If polarity protection isn't required then only mosfet Q1 is needed, and Q2 can be replaced with a shorting wire link.

My test load is a 1.5R 100W resistor fixed to a thick aluminium plate which is why 8.8A is the test current (from a 13.8V supply). I soldered wires on the current carrying tracks to reduce their resistance but they aren't really necessary below 8A, just a thick layer of solder would do. The mosfets just act as a low value resistor so the voltage drop depends on the current. Without the wires the total resistance was 0.015R compared to 0.010 with them. The heat sinks on the mosfets aren't necessary up to 15A or so but added them as I had them. As it is at 8.8A everything stays cold as the whole module only dissipates 0.8 watts. The tiny LTC4365 is on the back of the board and I thought I'd have trouble hand soldering it but I've made around six modules using ICs this size and they've all worked. 😀

🙂

I'll add the other modules I've made at a later time. 😀

Alan

[rl]

This is a very good chip that I have used in other applications. Analog Devices do a demonstration board which saves you some of the soldering problems...part number DC1555C available from Mouser and Digi-Key for about 25 quid. It's pricey (especially compared to a simple diode), but not as pricey as trashing your mount, and it copes with a lot more failure modes. . Don't bother omitting the extra FETs....they're so cheap it makes no sense. 

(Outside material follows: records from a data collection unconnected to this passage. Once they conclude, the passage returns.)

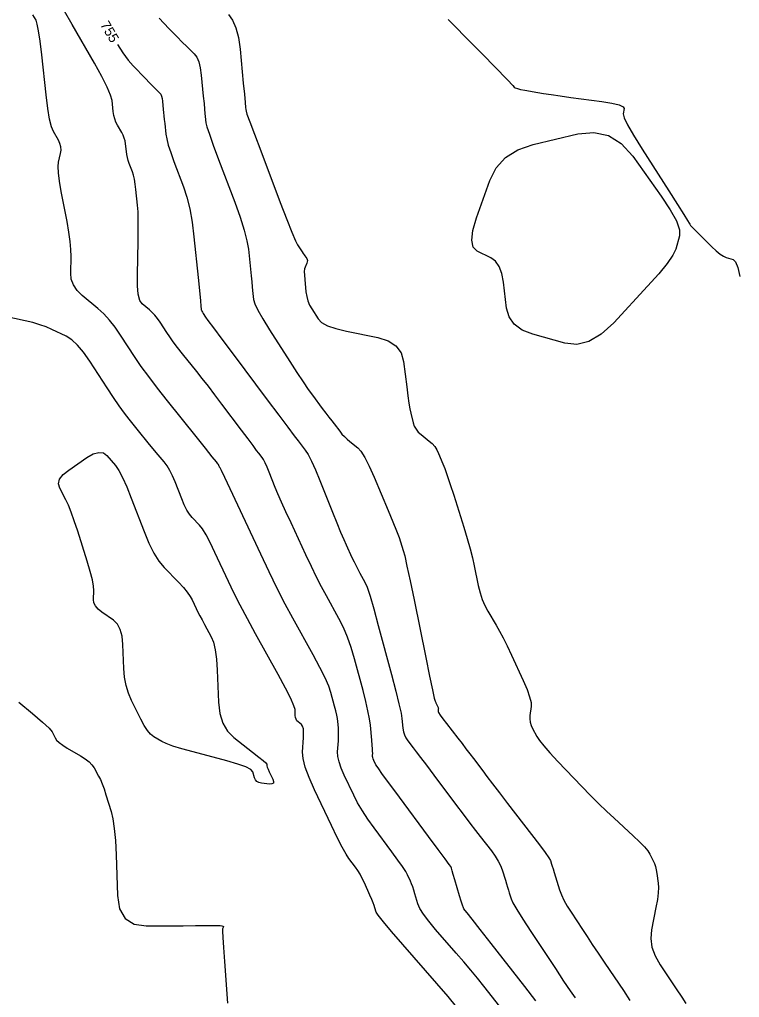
# Model space of a CAD drawing. Extents: x 2082232 to 2083549, y 592624 to 593832.
# Drawn here: x 2082855.5 to 2082906.4, y 592813 to 592882.1 of the extents above; entities that cross this region are included whole.
import ezdxf

# ---------------------------------------------------------------- set-up
doc = ezdxf.new("R2010")
doc.units = 0
doc.layers.add('DT_X_Contour_Major', color=7, linetype='Continuous')
doc.layers.add('DT_X_Contour_Minor', color=7, linetype='Continuous')

msp = doc.modelspace()

# ---------------------------------------------------------------- linework, layer by layer
at = {"layer": 'DT_X_Contour_Major'}
msp.add_lwpolyline([(2082862.437, 592880.32), (2082862.826, 592879.726), (2082863.203, 592879.215), (2082863.545, 592878.821), (2082864.412, 592877.926), (2082864.706, 592877.623), (2082864.939, 592877.384), (2082865.11, 592877.21), (2082865.219, 592877.101), (2082865.427, 592876.896), (2082865.498, 592876.802), (2082865.554, 592876.673), (2082865.596, 592876.511), (2082865.624, 592876.314), (2082865.679, 592875.742), (2082865.7, 592875.519), (2082865.724, 592875.278), (2082865.75, 592875.02), (2082865.779, 592874.744), (2082865.859, 592873.984), (2082865.917, 592873.65), (2082866.032, 592873.218), (2082866.203, 592872.688), (2082866.431, 592872.061), (2082867.114, 592870.256), (2082867.352, 592869.529), (2082867.552, 592868.702), (2082867.716, 592867.774), (2082867.843, 592866.746), (2082868.133, 592863.869), (2082868.297, 592862.237), (2082868.339, 592861.815), (2082868.355, 592861.656), (2082868.363, 592861.582), (2082868.373, 592861.545), (2082868.399, 592861.49), (2082868.44, 592861.417), (2082868.497, 592861.327), (2082868.667, 592861.061), (2082868.837, 592860.822), (2082869.217, 592860.307), (2082869.808, 592859.514), (2082870.609, 592858.444), (2082873.028, 592855.222), (2082873.845, 592854.135), (2082874.481, 592853.289), (2082874.937, 592852.684), (2082875.213, 592852.32), (2082875.708, 592851.672), (2082875.913, 592851.355), (2082876.153, 592850.891), (2082876.431, 592850.278), (2082876.745, 592849.519), (2082877.631, 592847.296), (2082877.942, 592846.525), (2082878.207, 592845.881), (2082878.428, 592845.362), (2082878.604, 592844.97), (2082879.013, 592844.092), (2082879.163, 592843.775), (2082879.308, 592843.482), (2082879.446, 592843.213), (2082879.578, 592842.967), (2082879.921, 592842.345), (2082880.077, 592841.978), (2082880.288, 592841.345), (2082880.554, 592840.445), (2082880.875, 592839.279), (2082881.803, 592835.814), (2082882.11, 592834.645), (2082882.336, 592833.737), (2082882.482, 592833.091), (2082882.546, 592832.705), (2082882.609, 592832.024), (2082882.648, 592831.777), (2082882.719, 592831.546), (2082882.82, 592831.332), (2082882.953, 592831.134), (2082883.349, 592830.627), (2082883.551, 592830.364), (2082883.86, 592829.958), (2082884.275, 592829.407), (2082884.798, 592828.712), (2082886.333, 592826.665), (2082886.874, 592825.946), (2082887.345, 592825.323), (2082887.746, 592824.797), (2082888.077, 592824.366), (2082888.866, 592823.348), (2082889.136, 592822.979), (2082889.353, 592822.636), (2082889.517, 592822.319), (2082889.628, 592822.027), (2082889.853, 592821.285), (2082889.934, 592821.021), (2082890.006, 592820.785), (2082890.07, 592820.577), (2082890.125, 592820.398), (2082890.263, 592819.957), (2082890.389, 592819.69), (2082890.664, 592819.218), (2082891.088, 592818.542), (2082891.661, 592817.661), (2082893.388, 592815.04), (2082893.974, 592814.155), (2082894.438, 592813.466), (2082894.779, 592812.972)], dxfattribs=at)
at = {"layer": 'DT_X_Contour_Minor'}
for points in [[(2082889.453, 592812.364), (2082888.324, 592813.804), (2082887.885, 592814.355), (2082887.415, 592814.928), (2082886.914, 592815.522), (2082886.383, 592816.138), (2082884.925, 592817.811), (2082884.437, 592818.393), (2082884.066, 592818.887), (2082883.811, 592819.291), (2082883.674, 592819.606), (2082883.463, 592820.327), (2082883.384, 592820.585), (2082883.305, 592820.819), (2082883.227, 592821.028), (2082883.149, 592821.213), (2082882.941, 592821.674), (2082882.814, 592821.905), (2082882.588, 592822.25), (2082882.264, 592822.711), (2082881.841, 592823.287), (2082880.583, 592824.977), (2082880.138, 592825.598), (2082879.749, 592826.192), (2082879.415, 592826.759), (2082879.137, 592827.301), (2082878.468, 592828.709), (2082878.251, 592829.207), (2082878.101, 592829.646), (2082878.018, 592830.026), (2082878.002, 592830.345), (2082878.05, 592831.119), (2082878.064, 592831.394), (2082878.069, 592831.64), (2082878.066, 592831.857), (2082878.054, 592832.045), (2082878.011, 592832.506), (2082877.985, 592832.703), (2082877.938, 592832.948), (2082877.872, 592833.24), (2082877.784, 592833.579), (2082877.525, 592834.547), (2082877.373, 592834.986), (2082877.112, 592835.576), (2082876.742, 592836.316), (2082876.263, 592837.208), (2082874.84, 592839.787), (2082874.297, 592840.795), (2082873.736, 592841.887), (2082873.157, 592843.062), (2082872.56, 592844.321), (2082870.943, 592847.787), (2082870.411, 592848.926), (2082870.028, 592849.743), (2082869.794, 592850.237), (2082869.708, 592850.41), (2082869.678, 592850.44), (2082869.667, 592850.454), (2082869.657, 592850.471), (2082869.646, 592850.491), (2082869.636, 592850.516), (2082869.61, 592850.585), (2082869.6, 592850.61), (2082869.589, 592850.631), (2082869.578, 592850.65), (2082869.566, 592850.666), (2082869.533, 592850.704), (2082869.428, 592850.834), (2082869.136, 592851.198), (2082868.658, 592851.794), (2082867.994, 592852.622), (2082865.974, 592855.143), (2082865.263, 592856.044), (2082864.645, 592856.857), (2082864.121, 592857.581), (2082863.689, 592858.218), (2082862.663, 592859.797), (2082862.275, 592860.359), (2082861.878, 592860.859), (2082861.473, 592861.297), (2082861.06, 592861.673), (2082859.948, 592862.595), (2082859.585, 592862.953), (2082859.328, 592863.335), (2082859.178, 592863.742), (2082859.135, 592864.172), (2082859.162, 592865.352), (2082859.152, 592865.839), (2082859.101, 592866.413), (2082859.009, 592867.075), (2082858.876, 592867.825), (2082858.468, 592869.941), (2082858.342, 592870.665), (2082858.267, 592871.25), (2082858.244, 592871.695), (2082858.274, 592872), (2082858.423, 592872.63), (2082858.455, 592872.865), (2082858.439, 592873.098), (2082858.376, 592873.329), (2082858.265, 592873.559), (2082857.907, 592874.169), (2082857.774, 592874.503), (2082857.646, 592875.045), (2082857.522, 592875.798), (2082857.402, 592876.759), (2082857.089, 592879.603), (2082856.975, 592880.555), (2082856.869, 592881.277), (2082856.772, 592881.769), (2082856.682, 592882.032), (2082856.454, 592882.427)], [(2082892.017, 592812.751), (2082891.234, 592813.783), (2082888.859, 592816.811), (2082888.076, 592817.809), (2082887.507, 592818.533), (2082887.154, 592818.981), (2082887.015, 592819.155), (2082886.93, 592819.252), (2082886.887, 592819.337), (2082886.821, 592819.519), (2082886.731, 592819.798), (2082886.618, 592820.175), (2082886.286, 592821.309), (2082886.176, 592821.684), (2082886.095, 592821.957), (2082886.042, 592822.129), (2082886.019, 592822.199), (2082885.996, 592822.251), (2082885.891, 592822.398), (2082885.596, 592822.8), (2082885.109, 592823.457), (2082884.43, 592824.368), (2082882.366, 592827.139), (2082881.682, 592828.062), (2082881.178, 592828.754), (2082880.854, 592829.215), (2082880.71, 592829.445), (2082880.566, 592829.748), (2082880.519, 592829.856), (2082880.487, 592829.95), (2082880.469, 592830.032), (2082880.465, 592830.101), (2082880.476, 592830.268), (2082880.475, 592830.372), (2082880.463, 592830.559), (2082880.442, 592830.83), (2082880.41, 592831.185), (2082880.312, 592832.242), (2082880.252, 592832.692), (2082880.146, 592833.252), (2082879.993, 592833.92), (2082879.794, 592834.697), (2082879.2, 592836.913), (2082878.964, 592837.716), (2082878.7, 592838.46), (2082878.41, 592839.147), (2082878.092, 592839.776), (2082877.209, 592841.377), (2082876.869, 592842.008), (2082876.514, 592842.701), (2082876.143, 592843.455), (2082875.756, 592844.27), (2082874.704, 592846.528), (2082874.338, 592847.319), (2082874.031, 592847.999), (2082873.782, 592848.569), (2082873.592, 592849.028), (2082873.163, 592850.105), (2082873.01, 592850.473), (2082872.876, 592850.769), (2082872.759, 592850.994), (2082872.661, 592851.148), (2082872.421, 592851.462), (2082872.277, 592851.651), (2082872.027, 592851.983), (2082871.67, 592852.457), (2082871.206, 592853.075), (2082869.827, 592854.913), (2082869.327, 592855.574), (2082868.863, 592856.181), (2082868.434, 592856.733), (2082868.04, 592857.229), (2082867.038, 592858.48), (2082866.686, 592858.925), (2082866.384, 592859.321), (2082866.132, 592859.669), (2082865.929, 592859.968), (2082865.453, 592860.701), (2082865.272, 592860.961), (2082865.088, 592861.193), (2082864.9, 592861.396), (2082864.709, 592861.571), (2082864.193, 592861.999), (2082864.026, 592862.249), (2082863.913, 592862.677), (2082863.853, 592863.284), (2082863.846, 592864.069), (2082863.9, 592866.402), (2082863.913, 592867.219), (2082863.91, 592867.92), (2082863.891, 592868.506), (2082863.858, 592868.975), (2082863.747, 592870.072), (2082863.701, 592870.46), (2082863.644, 592870.799), (2082863.576, 592871.09), (2082863.498, 592871.334), (2082863.277, 592871.919), (2082863.202, 592872.136), (2082863.142, 592872.35), (2082863.097, 592872.559), (2082863.068, 592872.764), (2082863.011, 592873.306), (2082862.978, 592873.509), (2082862.922, 592873.709), (2082862.842, 592873.907), (2082862.739, 592874.104), (2082862.432, 592874.625), (2082862.328, 592874.832), (2082862.244, 592875.063), (2082862.181, 592875.317), (2082862.139, 592875.595), (2082862.053, 592876.368), (2082861.951, 592876.749), (2082861.71, 592877.315), (2082861.328, 592878.065), (2082860.806, 592878.998), (2082859.228, 592881.733), (2082858.692, 592882.667)], [(2082870.28, 592882.433), (2082870.577, 592882.039), (2082870.814, 592881.5), (2082870.99, 592880.818), (2082871.106, 592879.993), (2082871.334, 592877.599), (2082871.409, 592876.808), (2082871.465, 592876.232), (2082871.499, 592875.869), (2082871.514, 592875.72), (2082871.526, 592875.609), (2082871.594, 592875.402), (2082871.79, 592874.865), (2082872.114, 592873.998), (2082872.566, 592872.8), (2082873.942, 592869.166), (2082874.405, 592867.957), (2082874.762, 592867.054), (2082875.013, 592866.458), (2082875.158, 592866.169), (2082875.404, 592865.806), (2082875.49, 592865.679), (2082875.566, 592865.568), (2082875.631, 592865.473), (2082875.685, 592865.396), (2082875.815, 592865.212), (2082875.851, 592865.138), (2082875.864, 592865.057), (2082875.854, 592864.968), (2082875.819, 592864.87), (2082875.695, 592864.6), (2082875.659, 592864.469), (2082875.643, 592864.28), (2082875.647, 592864.034), (2082875.671, 592863.729), (2082875.761, 592862.839), (2082875.812, 592862.514), (2082875.896, 592862.206), (2082876.015, 592861.916), (2082876.167, 592861.643), (2082876.619, 592860.939), (2082876.871, 592860.687), (2082877.289, 592860.459), (2082877.872, 592860.255), (2082878.62, 592860.075), (2082880.836, 592859.627), (2082881.574, 592859.396), (2082882.124, 592859.037), (2082882.488, 592858.55), (2082882.664, 592857.937), (2082882.884, 592856.13), (2082882.964, 592855.506), (2082883.039, 592854.989), (2082883.108, 592854.578), (2082883.173, 592854.274), (2082883.338, 592853.606), (2082883.419, 592853.365), (2082883.54, 592853.145), (2082883.699, 592852.944), (2082883.897, 592852.763), (2082884.477, 592852.308), (2082884.682, 592852.124), (2082884.86, 592851.916), (2082885.013, 592851.684), (2082885.139, 592851.426), (2082885.441, 592850.707), (2082885.574, 592850.365), (2082885.745, 592849.879), (2082885.954, 592849.25), (2082886.201, 592848.477), (2082886.913, 592846.223), (2082887.16, 592845.418), (2082887.366, 592844.694), (2082887.533, 592844.05), (2082887.659, 592843.487), (2082887.943, 592842.094), (2082888.064, 592841.59), (2082888.215, 592841.123), (2082888.396, 592840.692), (2082888.607, 592840.299), (2082889.21, 592839.297), (2082889.447, 592838.884), (2082889.705, 592838.395), (2082889.985, 592837.831), (2082890.286, 592837.191), (2082891.117, 592835.384), (2082891.386, 592834.762), (2082891.569, 592834.248), (2082891.667, 592833.845), (2082891.679, 592833.55), (2082891.596, 592832.911), (2082891.583, 592832.675), (2082891.607, 592832.445), (2082891.668, 592832.221), (2082891.766, 592832.003), (2082892.077, 592831.43), (2082892.258, 592831.159), (2082892.568, 592830.777), (2082893.007, 592830.283), (2082893.574, 592829.677), (2082895.26, 592827.913), (2082895.876, 592827.277), (2082896.46, 592826.689), (2082897.013, 592826.152), (2082897.533, 592825.663), (2082898.879, 592824.427), (2082899.332, 592823.998), (2082899.681, 592823.64), (2082899.927, 592823.352), (2082900.069, 592823.134), (2082900.311, 592822.647), (2082900.395, 592822.454), (2082900.466, 592822.243), (2082900.523, 592822.013), (2082900.566, 592821.763), (2082900.665, 592821.072), (2082900.682, 592820.771), (2082900.66, 592820.385), (2082900.599, 592819.915), (2082900.499, 592819.36), (2082900.178, 592817.768), (2082900.127, 592817.167), (2082900.212, 592816.555), (2082900.435, 592815.934), (2082900.795, 592815.303), (2082901.937, 592813.608), (2082902.319, 592813.031), (2082902.607, 592812.574)], [(2082865.38, 592882.172), (2082866.073, 592881.458), (2082866.627, 592880.891), (2082867.04, 592880.47), (2082867.312, 592880.197), (2082867.853, 592879.664), (2082868.037, 592879.42), (2082868.184, 592879.087), (2082868.293, 592878.665), (2082868.365, 592878.153), (2082868.506, 592876.671), (2082868.555, 592876.164), (2082868.594, 592875.755), (2082868.625, 592875.444), (2082868.647, 592875.232), (2082868.692, 592874.796), (2082868.761, 592874.512), (2082868.932, 592873.985), (2082869.207, 592873.215), (2082869.585, 592872.202), (2082870.729, 592869.179), (2082871.112, 592868.121), (2082871.4, 592867.216), (2082871.594, 592866.462), (2082871.693, 592865.861), (2082871.834, 592864.461), (2082871.884, 592863.972), (2082871.925, 592863.556), (2082871.96, 592863.212), (2082871.988, 592862.942), (2082872.051, 592862.317), (2082872.139, 592862.007), (2082872.356, 592861.546), (2082872.702, 592860.933), (2082873.177, 592860.168), (2082874.615, 592857.927), (2082875.119, 592857.148), (2082875.555, 592856.491), (2082875.921, 592855.958), (2082876.218, 592855.547), (2082876.918, 592854.614), (2082877.166, 592854.284), (2082877.387, 592853.991), (2082877.579, 592853.737), (2082877.744, 592853.521), (2082878.145, 592852.996), (2082878.303, 592852.804), (2082878.475, 592852.619), (2082878.662, 592852.443), (2082878.863, 592852.275), (2082879.419, 592851.838), (2082879.648, 592851.585), (2082879.918, 592851.151), (2082880.227, 592850.539), (2082880.578, 592849.746), (2082881.566, 592847.394), (2082881.899, 592846.594), (2082882.158, 592845.958), (2082882.341, 592845.486), (2082882.45, 592845.179), (2082882.639, 592844.578), (2082882.74, 592844.19), (2082882.901, 592843.479), (2082883.121, 592842.443), (2082883.401, 592841.083), (2082884.228, 592837.025), (2082884.501, 592835.69), (2082884.701, 592834.728), (2082884.828, 592834.138), (2082884.883, 592833.923), (2082884.93, 592833.844), (2082884.948, 592833.812), (2082884.969, 592833.774), (2082884.99, 592833.729), (2082885.014, 592833.679), (2082885.079, 592833.538), (2082885.1, 592833.486), (2082885.113, 592833.435), (2082885.118, 592833.385), (2082885.115, 592833.337), (2082885.099, 592833.21), (2082885.131, 592833.121), (2082885.241, 592832.946), (2082885.427, 592832.687), (2082885.69, 592832.343), (2082886.495, 592831.313), (2082886.79, 592830.933), (2082887.071, 592830.569), (2082887.339, 592830.218), (2082887.592, 592829.881), (2082888.251, 592829.003), (2082888.547, 592828.612), (2082888.94, 592828.099), (2082889.429, 592827.464), (2082890.016, 592826.706), (2082891.71, 592824.52), (2082892.27, 592823.791), (2082892.678, 592823.241), (2082892.936, 592822.87), (2082893.042, 592822.679), (2082893.124, 592822.409), (2082893.164, 592822.278), (2082893.223, 592822.087), (2082893.301, 592821.835), (2082893.399, 592821.524), (2082893.683, 592820.614), (2082893.814, 592820.259), (2082893.993, 592819.874), (2082894.221, 592819.461), (2082894.498, 592819.019), (2082895.3, 592817.801), (2082895.625, 592817.31), (2082895.997, 592816.751), (2082896.417, 592816.125), (2082896.884, 592815.43), (2082898.193, 592813.488), (2082898.642, 592812.795)], [(2082885.808, 592882.085), (2082886.405, 592881.49), (2082886.973, 592880.922), (2082887.511, 592880.379), (2082888.019, 592879.862), (2082889.336, 592878.517), (2082889.772, 592878.071), (2082890.093, 592877.739), (2082890.299, 592877.523), (2082890.391, 592877.421), (2082890.481, 592877.304), (2082890.554, 592877.258), (2082890.704, 592877.208), (2082890.932, 592877.153), (2082891.238, 592877.094), (2082892.157, 592876.929), (2082892.561, 592876.862), (2082893.084, 592876.782), (2082893.726, 592876.691), (2082894.487, 592876.587), (2082896.676, 592876.294), (2082897.39, 592876.18), (2082897.892, 592876.058), (2082898.182, 592875.928), (2082898.259, 592875.791), (2082898.181, 592875.413), (2082898.243, 592875.152), (2082898.488, 592874.65), (2082898.916, 592873.908), (2082899.526, 592872.926), (2082901.398, 592869.987), (2082902.014, 592869.018), (2082902.46, 592868.316), (2082902.734, 592867.881), (2082902.836, 592867.712), (2082902.882, 592867.619), (2082902.938, 592867.547), (2082903.072, 592867.403), (2082903.283, 592867.186), (2082903.572, 592866.897), (2082904.448, 592866.028), (2082904.757, 592865.737), (2082905.031, 592865.513), (2082905.267, 592865.358), (2082905.467, 592865.27), (2082905.952, 592865.128), (2082906.126, 592864.96), (2082906.283, 592864.563), (2082906.424, 592863.937)], [(2082889.712, 592863.531), (2082889.594, 592864.153), (2082889.405, 592864.648), (2082889.148, 592865.016), (2082888.82, 592865.258), (2082887.854, 592865.734), (2082887.581, 592866.014), (2082887.485, 592866.496), (2082887.566, 592867.182), (2082887.825, 592868.07), (2082888.75, 592870.71), (2082889.202, 592871.612), (2082889.864, 592872.336), (2082890.736, 592872.883), (2082891.817, 592873.252), (2082894.98, 592874.002), (2082896.112, 592874.116), (2082897.135, 592873.894), (2082898.051, 592873.337), (2082898.858, 592872.445), (2082900.867, 592869.618), (2082901.514, 592868.647), (2082901.947, 592867.854), (2082902.166, 592867.238), (2082902.171, 592866.799), (2082901.901, 592865.867), (2082901.7, 592865.44), (2082901.302, 592864.86), (2082900.705, 592864.127), (2082899.91, 592863.24), (2082897.525, 592860.669), (2082896.637, 592859.856), (2082895.762, 592859.343), (2082894.898, 592859.131), (2082894.047, 592859.219), (2082891.794, 592859.856), (2082891.044, 592860.151), (2082890.485, 592860.557), (2082890.115, 592861.075), (2082889.936, 592861.704), (2082889.712, 592863.531)], [(2082886.407, 592812.35), (2082885.804, 592813.057), (2082885.003, 592813.981), (2082882.6, 592816.738), (2082881.807, 592817.657), (2082881.231, 592818.347), (2082880.872, 592818.807), (2082880.73, 592819.037), (2082880.64, 592819.344), (2082880.592, 592819.486), (2082880.516, 592819.68), (2082880.411, 592819.927), (2082880.278, 592820.227), (2082879.887, 592821.097), (2082879.737, 592821.411), (2082879.581, 592821.701), (2082879.42, 592821.966), (2082879.253, 592822.206), (2082878.799, 592822.815), (2082878.594, 592823.133), (2082878.32, 592823.629), (2082877.976, 592824.304), (2082877.564, 592825.157), (2082876.37, 592827.67), (2082875.981, 592828.543), (2082875.71, 592829.277), (2082875.557, 592829.872), (2082875.522, 592830.328), (2082875.586, 592831.36), (2082875.596, 592831.707), (2082875.576, 592831.976), (2082875.528, 592832.165), (2082875.451, 592832.276), (2082875.206, 592832.466), (2082875.125, 592832.548), (2082875.065, 592832.651), (2082875.027, 592832.775), (2082875.01, 592832.92), (2082874.993, 592833.337), (2082874.913, 592833.609), (2082874.685, 592834.112), (2082874.309, 592834.847), (2082873.786, 592835.813), (2082872.193, 592838.7), (2082871.626, 592839.742), (2082871.118, 592840.706), (2082870.671, 592841.59), (2082870.284, 592842.395), (2082869.332, 592844.437), (2082868.995, 592845.132), (2082868.699, 592845.685), (2082868.444, 592846.098), (2082868.23, 592846.369), (2082867.712, 592846.905), (2082867.521, 592847.138), (2082867.334, 592847.434), (2082867.153, 592847.794), (2082866.977, 592848.217), (2082866.514, 592849.431), (2082866.336, 592849.861), (2082866.148, 592850.238), (2082865.951, 592850.564), (2082865.745, 592850.838), (2082865.181, 592851.499), (2082864.957, 592851.765), (2082864.705, 592852.07), (2082864.426, 592852.411), (2082864.121, 592852.79), (2082863.27, 592853.852), (2082862.934, 592854.288), (2082862.563, 592854.801), (2082862.157, 592855.392), (2082861.716, 592856.059), (2082860.493, 592857.941), (2082860.045, 592858.581), (2082859.617, 592859.089), (2082859.208, 592859.467), (2082858.82, 592859.713), (2082857.81, 592860.196), (2082857.408, 592860.369), (2082856.96, 592860.529), (2082856.465, 592860.674), (2082855.923, 592860.806), (2082854.416, 592861.137)], [(2082861.333, 592840.22), (2082861.064, 592840.438), (2082860.876, 592840.661), (2082860.768, 592840.89), (2082860.741, 592841.124), (2082860.776, 592841.757), (2082860.756, 592842.063), (2082860.67, 592842.509), (2082860.517, 592843.094), (2082860.298, 592843.817), (2082859.626, 592845.933), (2082859.386, 592846.666), (2082859.167, 592847.279), (2082858.97, 592847.771), (2082858.795, 592848.144), (2082858.358, 592848.976), (2082858.275, 592849.291), (2082858.353, 592849.61), (2082858.594, 592849.934), (2082858.995, 592850.262), (2082860.282, 592851.142), (2082860.733, 592851.398), (2082861.119, 592851.506), (2082861.44, 592851.465), (2082861.697, 592851.276), (2082862.295, 592850.574), (2082862.534, 592850.233), (2082862.801, 592849.736), (2082863.095, 592849.085), (2082863.418, 592848.278), (2082864.317, 592845.919), (2082864.659, 592845.096), (2082865.011, 592844.397), (2082865.374, 592843.822), (2082865.746, 592843.37), (2082866.751, 592842.329), (2082867.095, 592841.959), (2082867.371, 592841.628), (2082867.58, 592841.337), (2082867.721, 592841.086), (2082868.009, 592840.47), (2082868.125, 592840.227), (2082868.261, 592839.96), (2082868.414, 592839.669), (2082868.585, 592839.354), (2082869.066, 592838.482), (2082869.228, 592838.09), (2082869.354, 592837.566), (2082869.442, 592836.911), (2082869.495, 592836.124), (2082869.585, 592833.851), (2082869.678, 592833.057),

https://www.analog.com/media/en/technical-documentation/eval-board-schematic/dc1555c-2-sch.pdf

Excellent suggestion from symmetal...I've been working with these for months and the astro application never occurred to me!

[symmetal]

I chose the mosfet from looking through the Farnell online catalogue for one with a low on resistance in a TO-220 package which are easy to work with and went for the PSMN2R5-60PL as it has only 0.002 ohm on resistance and 60V breakdown voltage. Its transfer characteristic shows it's fully turned on at 3.3V gate-source. I'm amazed by the current ratings of these mosfets, max drain current of 150A with a momentary peak of 1002A. 😬 The drain current flows through the source pin and I wouldn't like to put 150A through the small pins. Soldering 150A wires to them would be a bit of a challange. 😁

I used the metal tab as the drain connection and used a stainless steel M3 nut and bolt for it. On checking it said that stainless steel needs a strong acid flux to solder but I used standard tin/lead solder with rosin flux and the nut soldered fine.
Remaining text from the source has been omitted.